If I have 2 .csv files stored locally data/file_1.csv
and data/file_2.csv
which both have the same schema, it is easy to polars-read both of them in to 1 concatenated data frame like so:
pl.read_csv('data/file_*.csv')
But if I am storing these same 2 files within Google Drive (not a GCS bucket), and I am using GDriveFileSystem
from pydrive2.fs
as my fsspec file system, I cannot find a way to make use of the glob pattern and have to read them in separately, e.g.
fs = GDriveFileSystem(ROOT_FOLDER_ID, client_id = CLIENT_ID, client_secret = CLIENT_SECRET)
dfs = []
for i in range(1, 3):
with fs.open(f'{ROOT_FOLDER_ID}/data/file_{i}.csv', 'rb') as f:
dfs += pl.read_csv(f)
df = pl.concat(dfs)
Not only does this mean I need to know and specify the amount of files and their exact file paths in advance, but the code also just feels a lot less cleaner than before.

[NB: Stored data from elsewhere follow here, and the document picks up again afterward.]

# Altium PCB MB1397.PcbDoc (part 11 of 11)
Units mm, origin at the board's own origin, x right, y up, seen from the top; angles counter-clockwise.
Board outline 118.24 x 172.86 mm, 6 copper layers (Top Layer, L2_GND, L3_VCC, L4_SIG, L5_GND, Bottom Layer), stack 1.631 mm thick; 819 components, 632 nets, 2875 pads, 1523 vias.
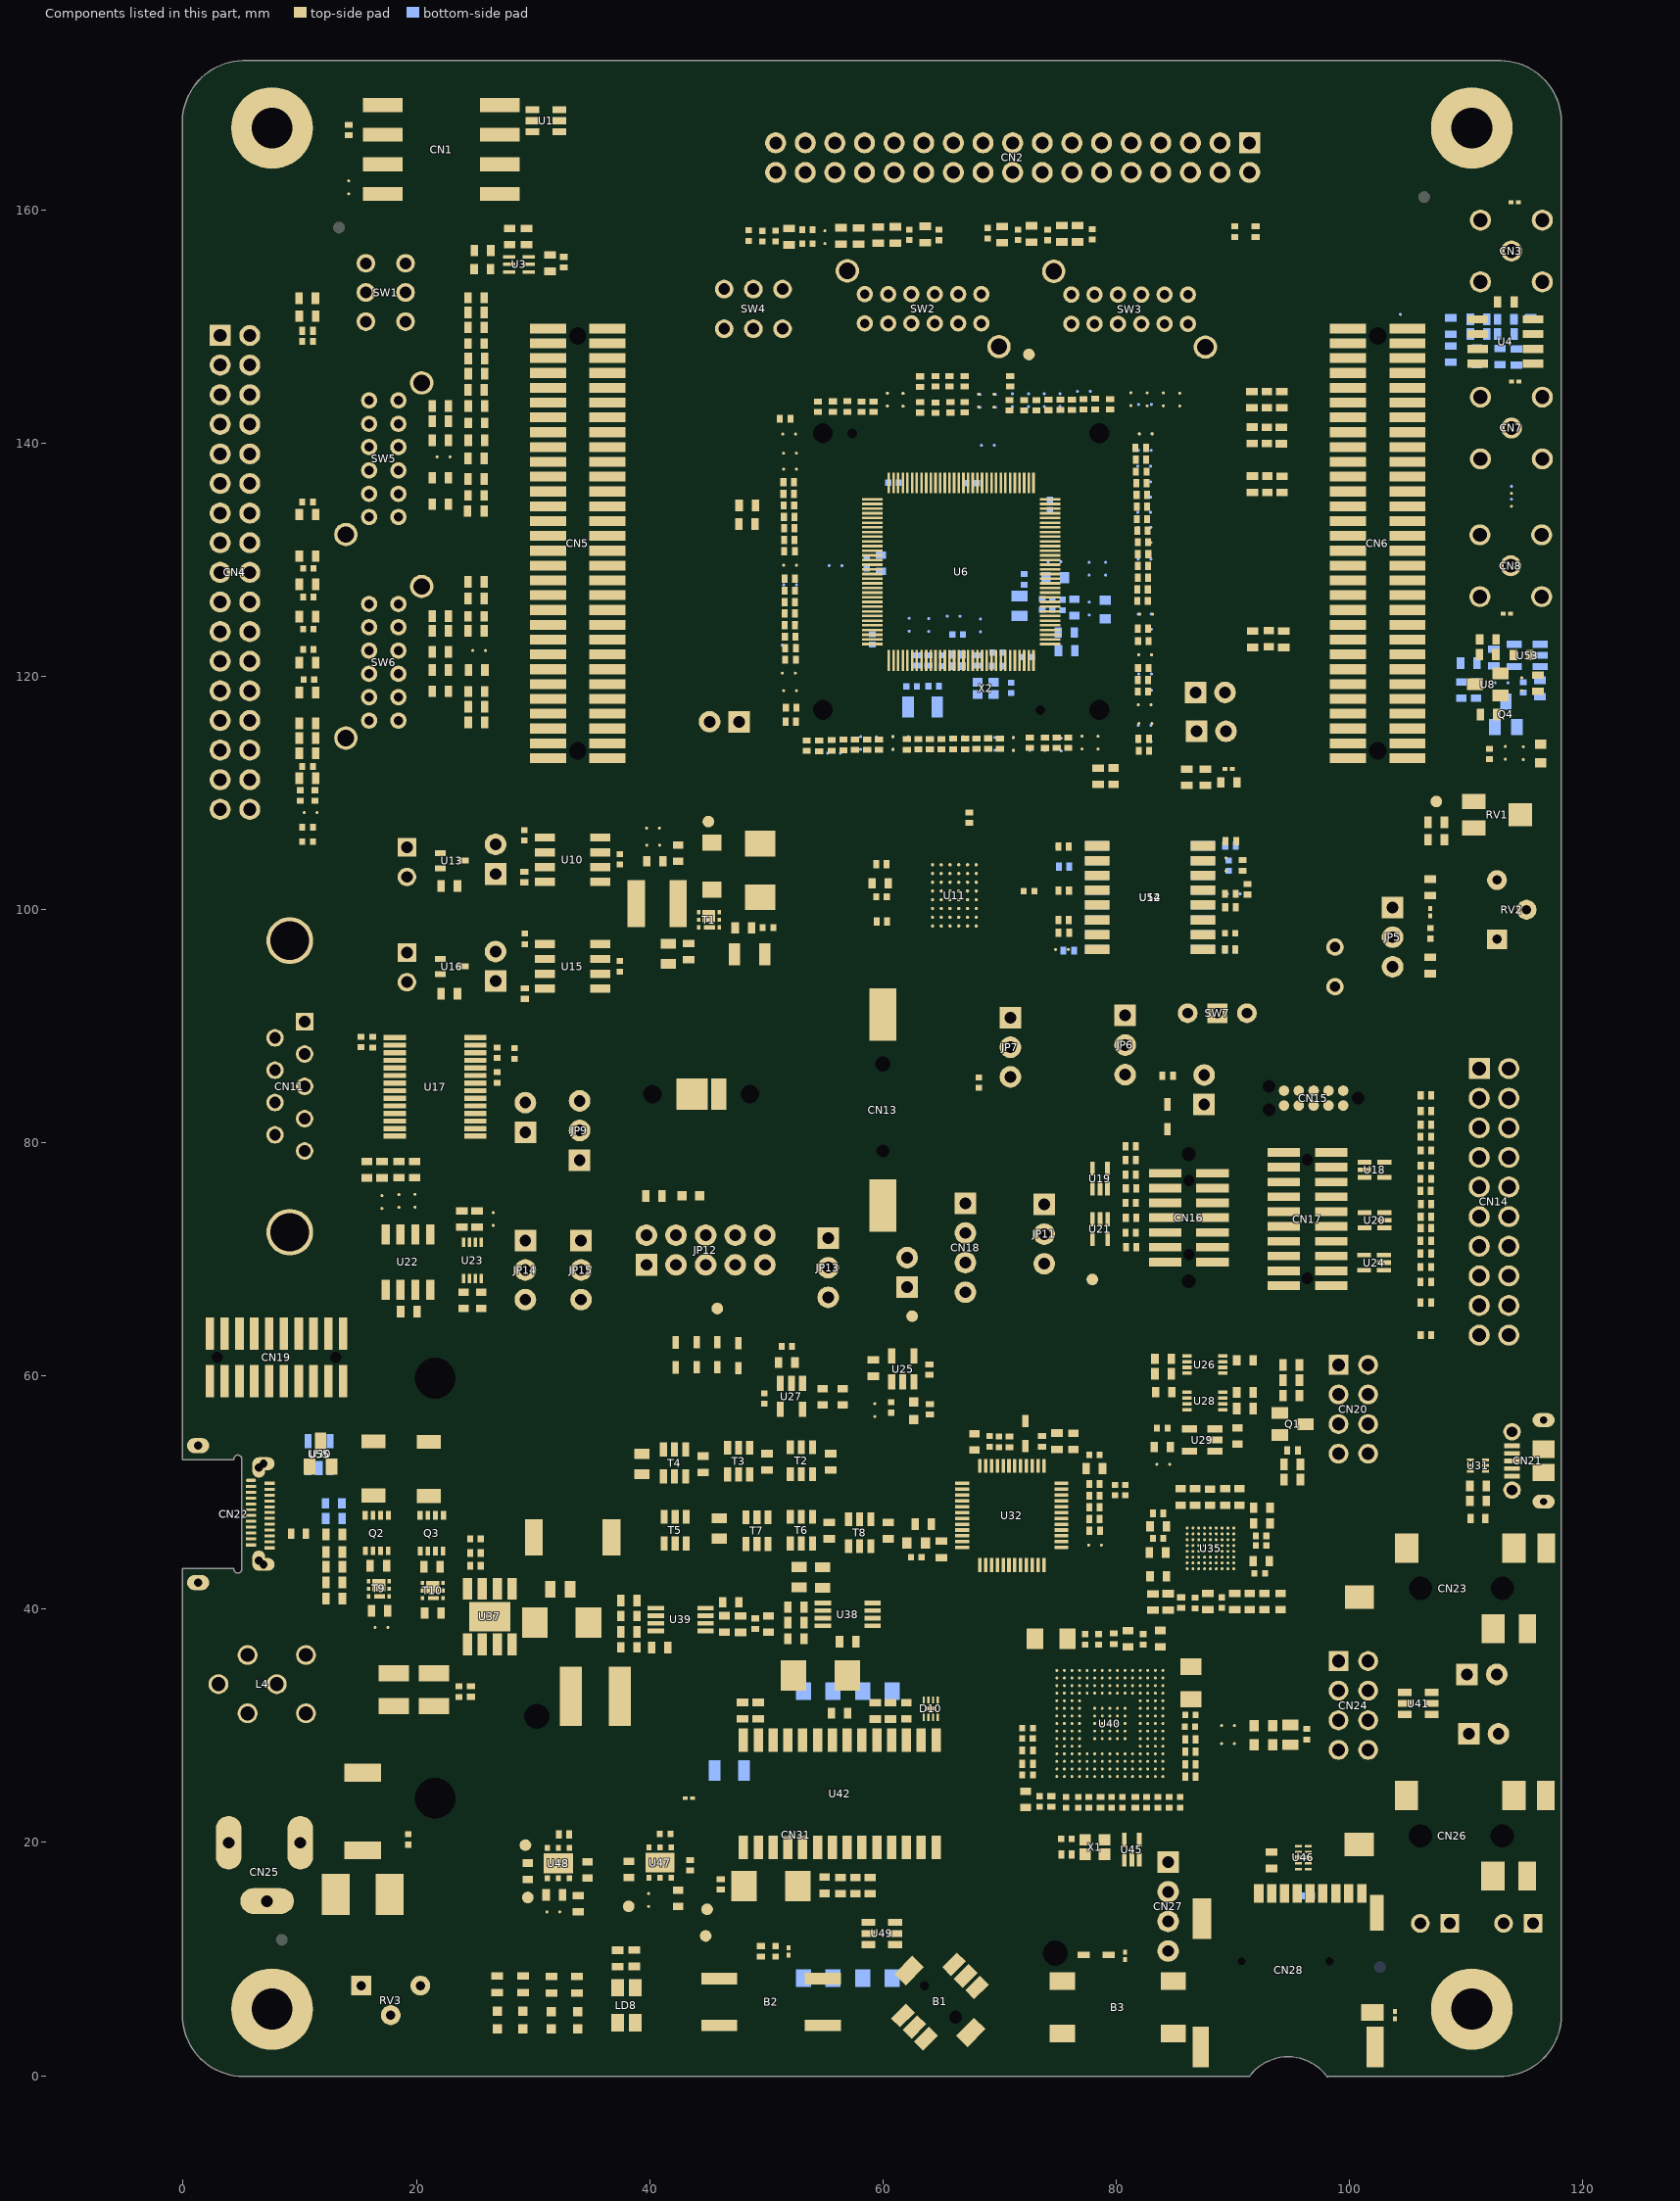
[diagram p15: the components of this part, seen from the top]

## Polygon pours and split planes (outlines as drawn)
no net on Top Overlay (solid): 103.025,168.605 ccw(c102.567,168.605) 102.567,169.063 ccw(c102.567,168.605) 102.109,168.605 ccw(c102.567,168.605) 102.567,168.147 ccw(c102.567,168.605) 103.025,168.605
no net on Top Overlay (solid): 102.707,164.287 ccw(c102.059,164.287) 102.059,164.935 ccw(c102.059,164.287) 101.411,164.287 ccw(c102.059,164.287) 102.059,163.64 ccw(c102.059,164.287) 102.707,164.287
no net on Top Overlay (solid): 99.392,168.605 99.392,169.24 99.646,169.24 99.646,168.605 99.392,168.605
no net on Top Overlay (solid): 100.154,167.208 100.154,166.7 101.678,166.7 101.678,167.208 100.154,167.208
no net on Top Overlay (solid): 99.519,163.716 99.773,163.716 99.773,164.16 99.519,164.16 99.519,163.716
no net on Top Overlay (solid): 103.025,168.605 ccw(c102.567,168.605) 102.567,169.063 ccw(c102.567,168.605) 102.109,168.605 ccw(c102.567,168.605) 102.567,168.147 ccw(c102.567,168.605) 103.025,168.605
no net on Top Overlay (solid): 102.707,164.287 ccw(c102.059,164.287) 102.059,164.935 ccw(c102.059,164.287) 101.411,164.287 ccw(c102.059,164.287) 102.059,163.64 ccw(c102.059,164.287) 102.707,164.287
no net on Top Overlay (solid): 99.392,168.605 99.392,169.24 99.646,169.24 99.646,168.605 99.392,168.605
no net on Top Overlay (solid): 100.154,167.208 100.154,166.7 101.678,166.7 101.678,167.208 100.154,167.208
no net on Top Overlay (solid): 99.519,163.716 99.773,163.716 99.773,164.16 99.519,164.16 99.519,163.716
no net on Top Overlay (solid): 457 vertices, not listed, extent 69.214,77.689 75.841,83.176
no net on Top Overlay (solid): 227 vertices, not listed, extent 72.022,78.87 74.874,81.995
no net on Top Overlay (solid): 457 vertices, not listed, extent 69.214,77.689 75.841,83.176
no net on Top Overlay (solid): 227 vertices, not listed, extent 72.022,78.87 74.874,81.995
GND on Top Layer "L4_SIG-No Net" (solid, pour order 261): 25 vertices, not listed, extent 23.467,36.703 32.004,49.2
GND_EXT_UNFILT on Top Layer "TOP-GND_EXT_UNFILT" (solid, pour order 215): 17 vertices, not listed, extent 8.862,20.368 19.756,32.433
NetLD5_2 on Top Layer "L4_SIG-No Net" (solid, pour order 256): 38.875,89.637 38.215,88.976 38.215,79.591 39.04,78.765 44.348,78.765 44.968,79.385 44.968,89.118 44.45,89.637
AGND on Top Layer "L4_SIG-No Net" (solid, pour order 264): 79.395,111.115 81.923,111.115 82.166,110.871 82.166,109.774 81.945,109.553 79.582,109.553 79.231,109.904 79.231,110.92 79.334,111.023
5V_USB_CHGR on Top Layer "TOP-5V_USB_CHGR" (solid, pour order 226): 26 vertices, not listed, extent 46.835,60.627 61.44,65.453
NetC63_2 on Top Layer "TOP-NETC77_1" (solid, pour order 232): 17 vertices, not listed, extent 41.374,58.989 51.534,63.421
5V_USB_PD on Top Layer "TOP-5V_USB_PD" (solid, pour order 219): 32.865,64.437 42.771,64.437 43.025,64.183 43.025,62.278 42.771,62.024 33.119,62.024 23.868,52.774 14.709,52.774 14.315,53.167 14.315,55.166 14.732,55.583 24.011,55.583 32.865,64.437
GND on Top Layer "TOP-GND 1" (solid, pour order 212): 52.036,59.492 51.915,59.613 51.915,60.582 51.915,61.727 51.915,62.128 51.915,62.944 51.915,63.167 52.169,63.421 53.312,63.421 53.566,63.167 53.566,60.819
NetC71_2 on Top Layer "Top Layer-NetC71_2" (solid, pour order 208): 21 vertices, not listed, extent 49,56.055 51.599,57.905
3V3_STLK on Top Layer "TOP-3V3_STLK" (solid, pour order 224): 17 vertices, not listed, extent 52.296,55.928 57.757,57.96
5V on Top Layer "TOP-5V 2" (solid, pour order 230): 618 vertices, not listed, extent 37.818,71.041 51.534,76.883
5V on Top Layer "TOP-5V 1" (solid, pour order 229): 53 vertices, not listed, extent 41.563,15.542 44.676,17.955
SH1_D on Top Layer "TOP-SH1_D" (solid, pour order 202): 25 vertices, not listed, extent 44.93,47.292 47.978,55.166
NetC151_2 on Top Layer "TOP-NETC34_2" (solid, pour order 209): 95 vertices, not listed, extent 27.912,13.129 31.468,17.32
NetC149_2 on Top Layer "TOP-NETC29_2" (solid, pour order 210): 156 vertices, not listed, extent 37.183,15.542 41.247,17.32
AMP_VDD on Top Layer "TOP-AMP_VDD" (solid, pour order 217): 30 vertices, not listed, extent 39.723,39.926 46.708,49.07
AMP_5V on Top Layer "TOP-AMP_5V" (solid, pour order 218): 18 vertices, not listed, extent 56.106,44.066 58.392,48.892
VIN_EXT_UNFILT on Top Layer "TOP-VIN_EXT_UNFILT" (solid, pour order 220): 28 vertices, not listed, extent 2.639,11.834 20.292,32.56
VIN_EXT_CONN on Top Layer "TOP-VIN_EXT_CONN" (solid, pour order 221): 17 vertices, not listed, extent 7.719,11.478 14.958,23.035
1V8_LDO on Top Layer "TOP-1V8_LDO" (solid, pour order 222): 89 vertices, not listed, extent 84.3,51.737 87.221,54.912
1V8 on Top Layer "TOP-1V8" (solid, pour order 223): 64 vertices, not listed, extent 82.141,50.34 83.919,53.134
5V_USB_CHGR on Top Layer "TOP-5V_USB_CHGR 1" (solid, pour order 227): 22 vertices, not listed, extent 111.224,46.784 112.875,51.483
VIN_EXT on Top Layer "TOP-VIN_EXT" (solid, pour order 235): 35 vertices, not listed, extent 4.036,33.195 26.132,39.164
GND on Top Layer "TOP-GND" (solid, pour order 211): 21 vertices, not listed, extent 47.662,94.104 51.661,102.791
3V3 on Top Layer "TOP-3V3" (solid, pour order 225): 77 vertices, not listed, extent 36.802,12.748 41.374,15.669
5V on Top Layer "TOP-5V" (solid, pour order 228): 48 vertices, not listed, extent 1.115,97.965 36.548,103.045
GND on Top Layer "TOP-GND 3" (solid, pour order 214): 15.847,29.258 15.466,29.639 15.466,32.052 15.847,32.433 16.655,32.433 19.51,32.433 20.511,32.433 22.939,32.433 23.32,32.814 24.077,32.814 24.892,32.814 25.654,32.814 25.654,30.81 24.102,29.258
GND on Top Layer "TOP-GND 2" (solid, pour order 213): 19 vertices, not listed, extent 16.863,39.291 19.022,41.247
SH0_D on Top Layer "TOP-SH0_D" (solid, pour order 203): 21 vertices, not listed, extent 38.326,50.086 42.517,54.912
T50_6 on Top Layer "TOP-T50_6" (solid, pour order 200): 49 vertices, not listed, extent 44.93,40.307 56.106,49.197
SH2_D on Top Layer "TOP-SH2_D" (solid, pour order 201): 22 vertices, not listed, extent 51.026,43.228 53.947,49.197
NetL5_1 on Top Layer "L4_SIG-No Net" (solid, pour order 260): 17 vertices, not listed, extent 26.67,29.134 34.722,35.692
CAL_D on Top Layer "TOP-CAL_D" (solid, pour order 216): 65 vertices, not listed, extent 48.232,46.657 54.709,55.547
NetR249_1 on Top Layer "TOP-NETR324_1" (solid, pour order 204): 23 vertices, not listed, extent 19.784,41.406 22.959,44.123
NetR246_1 on Top Layer "TOP-NETR318_1" (solid, remove dead copper, pour order 205): 23 vertices, not listed, extent 13.307,39.799 17.922,45.514
NetC41_1 on Top Layer "TOP-NETC22_2" (solid, pour order 231): 40.993,103.172 40.739,103.426 40.739,103.576 41.59,103.576 41.59,104.696 43.406,104.696 43.787,105.077 43.787,107.744 44.676,108.633 51.153,108.633 51.415,108.372 51.415,104.235 51.114,103.934 44.422,103.934 43.66,103.172
NetD1_1 on Top Layer "Top Layer-NetD1_1" (solid, pour order 233): 41.501,97.965 41.247,98.219 41.247,102.791 43.818,102.791 43.945,102.918 46.454,102.918 46.611,102.762 46.611,99.519 46.611,99.265 46.2,98.854 43.914,98.854 43.66,98.6 43.66,98.219 43.406,97.965
NetR172_1 on Top Layer "TOP-NETR48_1" (solid, pour order 234): 30 vertices, not listed, extent 44.676,94.513 48.232,99.362
VBUS on Top Layer "TOP-VBUS" (solid, remove dead copper, pour order 199): 32 vertices, not listed, extent 10.97,39.418 18.26,50.975
NetQ2_1 on Top Layer "TOP-NETQ2_1 1" (solid, pour order 207): 14.958,43.101 14.755,43.304 14.755,45.184 14.958,45.387 17.117,45.387 17.117,44.625 16.961,44.469 15.591,44.457 15.591,43.101
NetQ2_1 on Top Layer "TOP-NETQ2_1" (solid, pour order 206): 18.982,44.069 18.885,44.166 18.885,45.263 19.012,45.39 21.806,45.39 21.806,44.628 21.679,44.501 21.328,44.501 19.743,44.501 19.312,44.069
5V_EXT on Top Layer "L4_SIG-No Net" (solid, pour order 262): 40 vertices, not listed, extent 19.276,29.261 39.219,54.509
NetLD5_2 on Bottom Layer "Bottom Layer-NetLD5_2" (solid, pour order 257): 38.875,89.637 44.45,89.637 44.968,89.118 44.968,79.385 44.348,78.765 39.04,78.765 38.215,79.591 38.215,88.964 38.532,89.281
VDD on Bottom Layer "BOTTOM-VDD" (solid, pour order 236): 149 vertices, not listed, extent 83.03,60.754 106.906,64.564
VDD1 on Bottom Layer "BOTTOM-VDD1" (solid, pour order 237): 136 vertices, not listed, extent 62.329,42.466 74.775,53.642
NetQ2_1 on Bottom Layer "BOTTOM-NETQ2_1" (solid, pour order 238): 19.657,45.26 19.657,44.244 19.53,44.117 16.482,44.117 16.101,43.736 16.101,43.228 15.974,43.101 14.958,43.101 14.755,43.304 14.755,45.184 14.958,45.387 19.53,45.387 19.657,45.26
GND_EXT_UNFILT on Bottom Layer "BOTTOM-GND_EXT_UNFILT" (solid, pour order 239): 26 vertices, not listed, extent 0.734,13.002 17.879,32.433
AGND on L4_SIG "L4_SIG-No Net" (solid, pour order 265): 21 vertices, not listed, extent 76.022,109.964 82.549,123.977
VDD1 on L4_SIG "L4_SIG-VDD1" (solid, pour order 240): 185 vertices, not listed, extent 51.407,41.323 66.012,67.739
3V3 on L4_SIG "L4_SIG-3V3" (solid, pour order 243): 442 vertices, not listed, extent 36.675,8.303 97.254,17.447
5V_EXT on L4_SIG "L4_SIG-No Net" (solid, pour order 263): 30.071,52.603 33.779,52.603 48.74,67.564 48.74,70.423 48.28,70.884 46.419,70.884 46.025,70.49 46.025,68.044 32.593,54.612 29.545,54.612 29.21,54.277 29.21,52.924 29.531,52.603 29.591,52.59
VIN_EXT_CONN on L4_SIG "L4_SIG-VIN_EXT_CONN" (solid, pour order 242): 14.78,11.478 10.792,11.478 10.361,11.91 10.361,15.847 7.719,18.489 7.719,22.019 8.735,23.035 10.386,23.035 12.545,20.876 12.545,18.336 13.18,17.701 14.704,17.701 14.958,17.447 14.958,11.656 14.78,11.478
VIN_EXT_UNFILT on L4_SIG "L4_SIG-VIN_EXT_UNFILT" (solid, pour order 241): 23 vertices, not listed, extent 2.639,11.834 20.292,32.56
VIN_EXT on L4_SIG "L4_SIG-VIN_EXT" (solid, pour order 244): 32 vertices, not listed, extent 4.036,33.195 23.391,39.164
1V8 on L4_SIG "L4_SIG-No Net" (solid, pour order 255): 19 vertices, not listed, extent 82.296,40.856 93.525,53.008
5V on L3_VCC "L3_VCC-5V 1" (solid, remove dead copper, pour order 253): 72 vertices, not listed, extent 0.445,100.633 117.666,172.274
VBUS on L3_VCC "L3_VCC-VBUS" (solid, remove dead copper, pour order 248): 0.445,39.419 0.445,65.913 11.227,65.913 13.435,63.705 13.435,40.031 12.822,39.419
5V on L3_VCC "L3_VCC-5V" (solid, remove dead copper, pour order 252): 42 vertices, not listed, extent 33.501,8.431 92.429,114.095
VDD on L3_VCC "L3_VCC-VDD" (solid, remove dead copper, pour order 246): 58 vertices, not listed, extent 42.645,27.735 94.207,78.535
3V3_STLK on L3_VCC "L3_VCC-3V3_STLK" (solid, pour order 249): 22 vertices, not listed, extent 54.583,17.018 86.587,61.009
3V3 on L3_VCC "L3_VCC-3V3" (solid, pour order 250): 48 vertices, not listed, extent 72.871,11.733 103.859,86.663
3V3 on L3_VCC "L3_VCC-3V3" (solid, remove dead copper, pour order 251): 53 vertices, not listed, extent 0.445,0.446 111.479,164.387
VDD on L3_VCC "L3_VCC-VDD" (solid, pour order 245): 117 vertices, not listed, extent 20.801,0.446 117.666,157.275
VDD_MCU on L3_VCC "L3_VCC-VDD_MCU" (solid, remove dead copper, pour order 247): 25 vertices, not listed, extent 52.297,67.867 86.587,138.162
AGND on L2_GND "L2_GND-AGND" (solid, pour order 259): 37 vertices, not listed, extent 76.68,107.076 117.665,161.107
GND_EXT_UNFILT on L2_GND "L2_GND-GND" (solid, remove dead copper, pour order 267): 25 vertices, not listed, extent 0.445,12.967 17.819,32.346
GND on L2_GND "L2_GND-GND" (solid, remove dead copper, pour order 266): 132 vertices, not listed, extent 0.445,0.445 117.666,172.273
no net on Top Solder "L4_SIG-No Net" (solid): 38.875,89.637 44.45,89.637 44.968,89.118 44.968,79.385 44.348,78.765 39.04,78.765 38.215,79.591 38.215,88.976
GND_EXT_UNFILT on L5_GND "L5_GND-GND" (solid, remove dead copper, pour order 268): 23 vertices, not listed, extent 0.444,13.005 17.836,32.346
AGND on L5_GND "L5_GND-AGND" (solid, pour order 254): 108.92,114.475 108.92,135.237 108.097,136.06 108.097,158.852 110.353,161.107 117.665,161.107 117.665,113.713 109.682,113.713 108.92,114.475
GND on L5_GND "L5_GND-GND" (solid, remove dead copper, pour order 269): 99 vertices, not listed, extent 0.452,0.42 117.673,172.249
no net on Bottom Solder "L4_SIG-No Net" (solid): 38.875,89.637 44.45,89.637 44.968,89.118 44.968,79.385 44.348,78.765 39.04,78.765 38.215,79.591 38.215,88.976

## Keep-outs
L2_GND:
  lines w0.254: 90.721,0.056 cw(c94.742,-2.515) 98.779,0.03
L3_VCC:
  lines w0.254: 90.721,0.056 cw(c94.742,-2.515) 98.779,0.03
L5_GND:
  lines w0.254: 90.721,0.056 cw(c94.742,-2.515) 98.779,0.03
Bottom Layer:
  circle w0.025: c54.843,117.106 r2.505
  circle w0.025: c78.563,117.106 r2.505
  circle w0.025: c54.843,140.831 r2.505
Keep-Out Layer:
  lines w0.127: 118.11,5.156 118.11,5.156
Multi-Layer:
  circle w0.025: c57.383,140.826 r0.705
  circle w0.025: c54.843,117.106 r1.105
  circle w0.025: c54.843,140.826 r1.105
  circle w0.025: c78.563,140.826 r1.105
  circle w0.025: c78.563,117.106 r1.105
  circle w0.025: c73.483,117.106 r0.705

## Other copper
Top Layer:
  rectangle net GND: 27.324,38.1 29.25,40.12
  rectangle net NetR249_1: 20.222,41.456 22.614,42.517
  rectangle net NetC63_2: 50.458,59.182 51.317,59.776
  rectangle net NetR246_1: 15.419,41.581 17.922,42.545
  rectangle net NetQ2_1: 19.53,44.501 21.776,45.387
  rectangle net AMP_VDD: 41.011,47.802 41.467,48.943
  rectangle net AMP_VDD: 41.958,45.63 42.364,48.901
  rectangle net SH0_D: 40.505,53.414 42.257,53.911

Is there any way I can still read these multiple files with a glob path but using the fsspec file system?
Although pydrive2 has an fsspec interface, it doesn't seem to declare a protocol or register itself with fsspec, so calls like fsspec.open("gdrive://...", )
are not automatically recognised. This is the intended usage, so I suggest an issue should be raised with them to make sure this gets implemented. You could call fsspec.register_implementation
manually to assign a protocol to the PyDrive2 fsspec class.
The older, less complete and unreleased gdrivefs does support this usage, because it is listed in fsspec.registry.known_implementations.